Coding is becoming cheaper. This has a counterintuitive implication:

Code is increasingly becoming a liability rather than an asset. The more code you have, the more you need to maintain, test, and understand. So what would be the true value of a software project?

• Interfaces. Well-designed code-to-code and code-to-human interfaces eliminate the need to understand many components. Needless to say, widely adopted interfaces have real capital value.

• Design elegance. Inside the codebase, elegant code greatly reduces the cost of understanding a component, making long-term maintenance sustainable.

So far, elegance in LLM-generated code is still largely lacking, probably because it is difficult to define a loss function or an RL reward for elegance. But I believe the human appreciation of elegance must have survival value; otherwise it would not exist in almost every individual today. Elegant code is not only easier for humans to comprehend, but also easier for coding agents to maintain and safer to expand.

Side thoughts

What else limits getting things done?

An assistant is a level above a coding agent. Coding agents increase the velocity of individual implementations; assistants increase the velocity of every procedural task. But in my experience, several fundamental bottlenecks remain:

Compute. The agent can launch training runs, configure inference experiments, and monitor them for me. But training is ultimately bottlenecked by GPU availability. That same limitation also applies to anything limited by the physical world.

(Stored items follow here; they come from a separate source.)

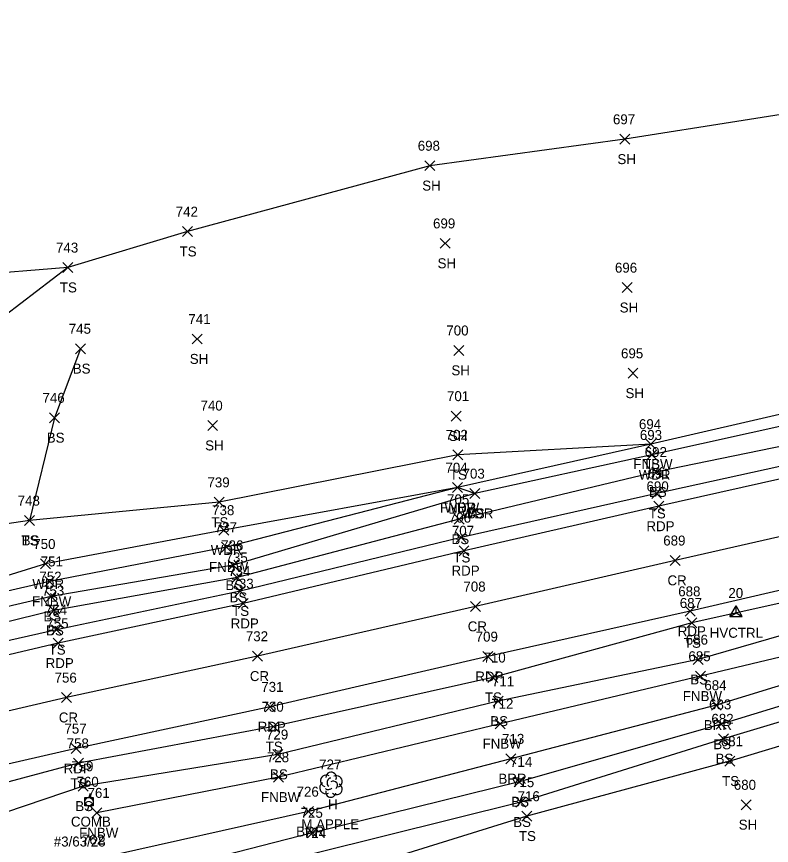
# Model space of a CAD drawing. Extents: x 1443590 to 1445966, y 578314 to 580556.
# Drawn here: x 1445493.3 to 1445644.9, y 579127.8 to 579294.3 of the extents above; entities that cross this region are included whole.
import ezdxf

# ---------------------------------------------------------------- set-up
doc = ezdxf.new("R2010")
doc.units = 0
for name, color, linetype in [('C_A', 7, 'Continuous'), ('C_I', 7, 'Continuous'), ('CPSM', 7, 'Continuous'), ('L_A', 7, 'Continuous'), ('L_C', 7, 'Continuous'), ('L_I', 7, 'Continuous'), ('L_TIC', 7, 'Continuous'), ('LABL', 7, 'Continuous'), ('LAWA', 7, 'Continuous'), ('LELB', 7, 'Continuous'), ('LFNC', 7, 'Continuous'), ('LSOGP', 7, 'Continuous'), ('LTD', 7, 'Continuous'), ('P_A', 7, 'Continuous'), ('P_I', 7, 'Continuous'), ('P_TIC', 7, 'Continuous'), ('PET', 7, 'Continuous'), ('PRC', 7, 'Continuous'), ('U_A', 7, 'Continuous'), ('U_C', 7, 'Continuous'), ('U_I', 7, 'Continuous'), ('UP', 7, 'Continuous')]:
    doc.layers.add(name, color=color, linetype=linetype)

msp = doc.modelspace()

# ---------------------------------------------------------------- linework, layer by layer
at = {"layer": 'CPSM'}
for p, q in [((1445636.56, 579173.79), (1445637.81, 579175.96)), ((1445639.06, 579173.79), (1445637.81, 579175.96)), ((1445637.81, 579174.52), (1445637.81, 579175.96)), ((1445636.56, 579173.79), (1445637.81, 579174.52)), ((1445636.56, 579173.79), (1445639.06, 579173.79)), ((1445637.81, 579174.52), (1445637.81, 579174.52)), ((1445637.81, 579174.52), (1445639.06, 579173.79))]:
    msp.add_line(p, q, dxfattribs=at)
at = {"layer": 'L_TIC'}
for points in [[(1445614.49, 579268.65), (1445616.49, 579270.65)], [(1445616.49, 579268.65), (1445614.49, 579270.65)], [(1445575.29, 579263.34), (1445577.29, 579265.34)], [(1445577.29, 579263.34), (1445575.29, 579265.34)], [(1445526.65, 579250.11), (1445528.65, 579252.11)], [(1445528.65, 579250.11), (1445526.65, 579252.11)], [(1445578.37, 579247.74), (1445580.37, 579249.74)], [(1445580.37, 579247.74), (1445578.37, 579249.74)], [(1445502.6, 579242.88), (1445504.6, 579244.88)], [(1445504.6, 579242.88), (1445502.6, 579244.88)], [(1445614.94, 579238.85), (1445616.94, 579240.85)], [(1445616.94, 579238.85), (1445614.94, 579240.85)], [(1445528.61, 579228.53), (1445530.61, 579230.53)], [(1445530.61, 579228.53), (1445528.61, 579230.53)], [(1445505.16, 579226.58), (1445507.16, 579228.58)], [(1445507.16, 579226.58), (1445505.16, 579228.58)], [(1445581.15, 579226.24), (1445583.15, 579228.24)], [(1445583.15, 579226.24), (1445581.15, 579228.24)], [(1445616.11, 579221.65), (1445618.11, 579223.65)], [(1445618.11, 579221.65), (1445616.11, 579223.65)], [(1445499.94, 579212.71), (1445501.94, 579214.71)], [(1445501.94, 579212.71), (1445499.94, 579214.71)], [(1445580.62, 579213.05), (1445582.62, 579215.05)], [(1445582.62, 579213.05), (1445580.62, 579215.05)], [(1445531.7, 579211.15), (1445533.7, 579213.15)], [(1445533.7, 579211.15), (1445531.7, 579213.15)], [(1445619.71, 579207.42), (1445621.71, 579209.42)], [(1445621.71, 579207.42), (1445619.71, 579209.42)], [(1445619.71, 579207.42), (1445621.71, 579209.42)], [(1445621.71, 579207.42), (1445619.71, 579209.42)], [(1445580.91, 579205.28), (1445582.91, 579207.28)], [(1445582.91, 579205.28), (1445580.91, 579207.28)], [(1445619.88, 579205.25), (1445621.88, 579207.25)], [(1445621.88, 579205.25), (1445619.88, 579207.25)], [(1445620.87, 579201.82), (1445622.87, 579203.82)], [(1445622.87, 579201.82), (1445620.87, 579203.82)], [(1445580.88, 579198.68), (1445582.88, 579200.68)], [(1445582.88, 579198.68), (1445580.88, 579200.68)], [(1445580.88, 579198.68), (1445582.88, 579200.68)], [(1445582.88, 579198.68), (1445580.88, 579200.68)], [(1445584.32, 579197.49), (1445586.32, 579199.49)], [(1445586.32, 579197.49), (1445584.32, 579199.49)], [(1445584.32, 579197.49), (1445586.32, 579199.49)], [(1445586.32, 579197.49), (1445584.32, 579199.49)], [(1445620.86, 579197.5), (1445622.86, 579199.5)], [(1445622.86, 579197.5), (1445620.86, 579199.5)], [(1445533.02, 579195.73), (1445535.02, 579197.73)], [(1445535.02, 579195.73), (1445533.02, 579197.73)], [(1445494.9, 579192.07), (1445496.9, 579194.07)], [(1445496.9, 579192.07), (1445494.9, 579194.07)], [(1445494.9, 579192.07), (1445496.9, 579194.07)], [(1445496.9, 579192.07), (1445494.9, 579194.07)], [(1445581.2, 579192.33), (1445583.2, 579194.33)], [(1445583.2, 579192.33), (1445581.2, 579194.33)], [(1445533.95, 579190.15), (1445535.95, 579192.15)], [(1445535.95, 579190.15), (1445533.95, 579192.15)], [(1445581.62, 579188.65), (1445583.62, 579190.65)], [(1445583.62, 579188.65), (1445581.62, 579190.65)], [(1445534.48, 579186.73), (1445536.48, 579188.73)], [(1445536.48, 579186.73), (1445534.48, 579188.73)], [(1445498.12, 579183.35), (1445500.12, 579185.35)], [(1445500.12, 579183.35), (1445498.12, 579185.35)], [(1445535.82, 579183.09), (1445537.82, 579185.09)], [(1445537.82, 579183.09), (1445535.82, 579185.09)], [(1445536.64, 579180.65), (1445538.64, 579182.65)], [(1445538.64, 579180.65), (1445536.64, 579182.65)], [(1445498.96, 579179.85), (1445500.96, 579181.85)], [(1445500.96, 579179.85), (1445498.96, 579181.85)], [(1445499.26, 579176.8), (1445501.26, 579178.8)], [(1445501.26, 579176.8), (1445499.26, 579178.8)], [(1445537.19, 579177.91), (1445539.19, 579179.91)], [(1445539.19, 579177.91), (1445537.19, 579179.91)], [(1445499.79, 579173.99), (1445501.79, 579175.99)], [(1445501.79, 579173.99), (1445499.79, 579175.99)], [(1445500.35, 579170.14), (1445502.35, 579172.14)], [(1445502.35, 579170.14), (1445500.35, 579172.14)], [(1445627.91, 579171.51), (1445629.91, 579173.51)], [(1445629.91, 579171.51), (1445627.91, 579173.51)], [(1445629.17, 579164.14), (1445631.17, 579166.14)], [(1445631.17, 579164.14), (1445629.17, 579166.14)], [(1445587.96, 579160.55), (1445589.96, 579162.55)], [(1445589.96, 579160.55), (1445587.96, 579162.55)], [(1445629.64, 579160.81), (1445631.64, 579162.81)], [(1445631.64, 579160.81), (1445629.64, 579162.81)], [(1445589.01, 579155.78), (1445591.01, 579157.78)], [(1445591.01, 579155.78), (1445589.01, 579157.78)], [(1445632.84, 579154.99), (1445634.84, 579156.99)], [(1445634.84, 579154.99), (1445632.84, 579156.99)], [(1445543.94, 579150.67), (1445545.94, 579152.67)], [(1445545.94, 579150.67), (1445543.94, 579152.67)], [(1445589.42, 579151.26), (1445591.42, 579153.26)], [(1445591.42, 579151.26), (1445589.42, 579153.26)], [(1445633.8, 579151.14), (1445635.8, 579153.14)], [(1445635.8, 579151.14), (1445633.8, 579153.14)], [(1445634.26, 579148.24), (1445636.26, 579150.24)], [(1445636.26, 579148.24), (1445634.26, 579150.24)], [(1445544.78, 579145.09), (1445546.78, 579147.09)], [(1445546.78, 579145.09), (1445544.78, 579147.09)], [(1445591.6, 579144.22), (1445593.6, 579146.22)], [(1445593.6, 579144.22), (1445591.6, 579146.22)], [(1445635.58, 579143.74), (1445637.58, 579145.74)], [(1445637.58, 579143.74), (1445635.58, 579145.74)], [(1445504.74, 579143.31), (1445506.74, 579145.31)], [(1445506.74, 579143.31), (1445504.74, 579145.31)], [(1445544.94, 579140.53), (1445546.94, 579142.53)], [(1445546.94, 579140.53), (1445544.94, 579142.53)], [(1445505.67, 579138.71), (1445507.67, 579140.71)], [(1445507.67, 579138.71), (1445505.67, 579140.71)], [(1445593.22, 579139.59), (1445595.22, 579141.59)], [(1445595.22, 579139.59), (1445593.22, 579141.59)], [(1445593.61, 579135.52), (1445595.61, 579137.52)], [(1445595.61, 579135.52), (1445593.61, 579137.52)], [(1445550.97, 579133.61), (1445552.97, 579135.61)], [(1445552.97, 579133.61), (1445550.97, 579135.61)], [(1445638.84, 579134.99), (1445640.84, 579136.99)], [(1445640.84, 579134.99), (1445638.84, 579136.99)], [(1445508.41, 579133.37), (1445510.41, 579135.37)], [(1445510.41, 579133.37), (1445508.41, 579135.37)], [(1445594.78, 579132.7), (1445596.78, 579134.7)], [(1445596.78, 579132.7), (1445594.78, 579134.7)], [(1445551.72, 579129.37), (1445553.72, 579131.37)], [(1445553.72, 579129.37), (1445551.72, 579131.37)]]:
    msp.add_lwpolyline(points, dxfattribs=at)
at = {"layer": 'LABL'}
msp.add_lwpolyline([(1445906.55, 579212.65), (1445879.71, 579204.72), (1445850.58, 579198.62), (1445810.71, 579192.45), (1445767.71, 579189.73), (1445724.08, 579181.18), (1445680.91, 579170.42), (1445633.84, 579155.99), (1445592.6, 579145.22), (1445551.97, 579134.61), (1445508.87, 579124.99), (1445465.31, 579114.87), (1445423.98, 579104.34)], dxfattribs=at)
at = {"layer": 'LAWA'}
msp.add_lwpolyline([(1445940.22, 579284.43), (1445885.83, 579272.36), (1445844.44, 579262.69), (1445827.48, 579258.91), (1445796.71, 579245.71), (1445755.59, 579235.98), (1445712.93, 579227.65), (1445690.54, 579223.96), (1445678.14, 579218.71), (1445669.83, 579217.4), (1445660.64, 579215.29), (1445650.82, 579212.91), (1445620.88, 579206.25), (1445585.32, 579198.49), (1445581.88, 579199.68), (1445534.95, 579191.15), (1445499.12, 579184.35), (1445452.48, 579169.9), (1445413.76, 579163.53), (1445389.98, 579158.81), (1445383.55, 579156.95)], dxfattribs=at)
at = {"layer": 'LELB'}
for points in [[(1445942.28, 579274.76), (1445889.96, 579263.07), (1445844.03, 579252.87), (1445798.37, 579240.83), (1445754.95, 579231.82), (1445713.51, 579222.75), (1445671.18, 579212.96), (1445621.87, 579202.82), (1445582.2, 579193.33), (1445537.64, 579181.65), (1445500.79, 579174.99), (1445454.59, 579163.7), (1445413.89, 579156.57), (1445390.87, 579153.03), (1445388.01, 579152.33), (1445386.99, 579153.05), (1445384.05, 579149.01)], [(1445942.54, 579272.88), (1445891.62, 579260.69), (1445844.68, 579249.92), (1445798.84, 579238.44), (1445755.18, 579228.94), (1445714.18, 579219.76), (1445671.32, 579209.34), (1445621.86, 579198.5), (1445582.62, 579189.65), (1445538.19, 579178.91), (1445501.35, 579171.14), (1445454.81, 579160.63), (1445415.54, 579151.91), (1445387.13, 579144.4), (1445381, 579142.46), (1445332.01, 579134.76), (1445286.79, 579125.14)], [(1445527.65, 579251.11), (1445503.6, 579243.88), (1445491.05, 579234.26), (1445481.75, 579206.89), (1445483.25, 579191.2)], [(1445885.78, 579229.39), (1445850.36, 579221.75), (1445806.08, 579211.12), (1445764.21, 579197.81), (1445722.66, 579187.24), (1445678.57, 579179.16), (1445630.17, 579165.14), (1445590.01, 579156.78), (1445545.78, 579146.09), (1445506.67, 579139.71), (1445463.39, 579125.06), (1445422.67, 579116.07), (1445395.65, 579110.15), (1445393.02, 579109.29)], [(1445506.16, 579227.58), (1445500.94, 579213.71), (1445495.9, 579193.07)], [(1445806.08, 579211.12), (1445762.42, 579200.85), (1445721.8, 579192.86), (1445676.81, 579183.17), (1445628.91, 579172.51), (1445588.96, 579161.55), (1445544.94, 579151.67), (1445505.74, 579144.31), (1445461.73, 579132.54), (1445420.98, 579122.48), (1445392.8, 579116.72), (1445384.72, 579116.17), (1445337.84, 579106.44), (1445294.36, 579095.47), (1445264.43, 579088.86), (1445254.07, 579086.81), (1445243.15, 579080.33), (1445227.05, 579067.57), (1445218.63, 579054.58), (1445214.55, 579043.43)], [(1445620.71, 579208.42), (1445581.91, 579206.28), (1445534.02, 579196.73), (1445495.9, 579193.07), (1445483.25, 579191.2), (1445452.39, 579185.41), (1445432.58, 579177.76), (1445412.28, 579169.03)], [(1445585.32, 579198.49), (1445536.82, 579184.09), (1445500.26, 579177.8), (1445453.65, 579166.94), (1445413.96, 579159.79), (1445390.32, 579155.5), (1445382.97, 579154.29)], [(1445767.71, 579189.73), (1445769.55, 579182.93), (1445765.47, 579181.13), (1445730.83, 579170.18), (1445684, 579159.1), (1445636.58, 579144.74), (1445595.78, 579133.7), (1445555.1, 579121.04), (1445510.62, 579111.48), (1445467.9, 579100.48), (1445424.67, 579092.13), (1445397.59, 579082.57), (1445383.73, 579074.7), (1445374.6, 579053.01), (1445370.93, 579034.72)], [(1445763.45, 579187.19), (1445726.85, 579177.14), (1445682.27, 579166.7), (1445634.8, 579152.14), (1445594.22, 579140.59), (1445552.72, 579130.37), (1445509.46, 579119.23), (1445465.25, 579110.19), (1445423.33, 579100.85), (1445394.74, 579092.28), (1445387.84, 579092.34), (1445387.39, 579099.59), (1445390.91, 579104.48), (1445390.5, 579108.7), (1445390.05, 579112.49), (1445388.46, 579111.83), (1445389.06, 579108.23), (1445388.43, 579106.79), (1445384.9, 579102.1), (1445382.74, 579094.99), (1445374.47, 579077.54), (1445367.34, 579057.59), (1445362.91, 579033.07)], [(1445763.45, 579187.19), (1445764.56, 579183.55), (1445727.83, 579174.27), (1445682.59, 579163.41), (1445635.26, 579149.24), (1445594.61, 579136.52), (1445553.39, 579126.28), (1445509.79, 579116), (1445466.32, 579104.81), (1445423.92, 579095.99), (1445394.53, 579088.21), (1445383.79, 579087.03), (1445379.06, 579077.34), (1445369.46, 579055.39), (1445365.9, 579033.98)]]:
    msp.add_lwpolyline(points, dxfattribs=at)
at = {"layer": 'LFNC'}
for points in [[(1445795.85, 579248.54), (1445764.2, 579243.23), (1445754.13, 579239.83), (1445711.84, 579230.59), (1445690.15, 579228.03), (1445678.15, 579223.24), (1445660.25, 579218.27), (1445650, 579215.14), (1445620.71, 579208.42), (1445581.88, 579199.68), (1445535.48, 579187.73), (1445499.96, 579180.85), (1445452.48, 579169.9)], [(1445902.84, 579225.05), (1445852.13, 579215.87), (1445807.61, 579202.61), (1445766.11, 579193.25), (1445723.45, 579184.3), (1445680.3, 579173.66), (1445630.64, 579161.81), (1445590.42, 579152.26), (1445545.94, 579141.53), (1445509.41, 579134.37)]]:
    msp.add_lwpolyline(points, dxfattribs=at)
at = {"layer": 'LSOGP'}
msp.add_lwpolyline([(1445747.83, 579294.28), (1445700.85, 579276.83), (1445673.11, 579277.36), (1445670.49, 579276.47), (1445664.57, 579277.29), (1445663, 579277.18), (1445615.49, 579269.64), (1445576.29, 579264.33), (1445527.65, 579251.11), (1445503.6, 579243.89), (1445464.03, 579240.66)], dxfattribs=at)
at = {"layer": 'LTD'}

Ideas. So far my agents have not been very successful at generating great ideas, including new research directions or fixes for new problems. SeedBot can execute a well-defined plan efficiently, but it cannot tell me what to work on next. The ideation step remains firmly human.

Long-term consistency and self-improvement. As a project grows, the likelihood of misremembering increases, and the cost of verification increases with it. Humans are good at creating abstractions to keep track of things and iterating on self-understanding. Agents, however, are not yet very good at this. Efforts like skill evolution are not sufficient.

Claude Code vs. Codex as personal assistants

For SeedBot, it is just one line of change to replace Codex with Claude Code, and here are my observations:

Claude Code with Opus 4.6 feels more human-like. It is willing to wait for slow operations, shows patience with ambiguous instructions, and produces conversational outputs. But it is also more likely to make mistakes—misinterpreting a directory structure, or confidently executing the wrong command without double-checking.

Codex with GPT 5.4 has better situational awareness. It is careful, methodical, and reports every detail of what it is doing. It checks preconditions before acting and flags potential issues rather than silently proceeding.

Note: GPT 5.5 just came out. I found it to be the perfect model for personal assistant use: well organized and direct. Give it a try!

As a personal assistant with direct machine access, I found Codex to be the more reliable choice. When the agent can rm -rf your files or push files to a public GitHub repo, I want careful over creative, so Codex is my default choice.

Final words

This post is meant to share my thoughts and findings from building SeedBot. I do not expect SeedBot to be widely adopted—that was never the point. The point is that everyone can build their own personal assistant by building on top of coding agents.

When I was studying English at school, I was told that to reach the reading speed of native speakers, I needed to stop the habit of subvocalizing every single word. Now we are facing a similar situation: to fully empower ourselves, we need ways to understand and control agents at a higher level than manually reviewing everything. Some may say this is just like being a people manager, but I disagree, because employees have accountability and agents do not. I am sure people will come up with innovative ways to work with agents.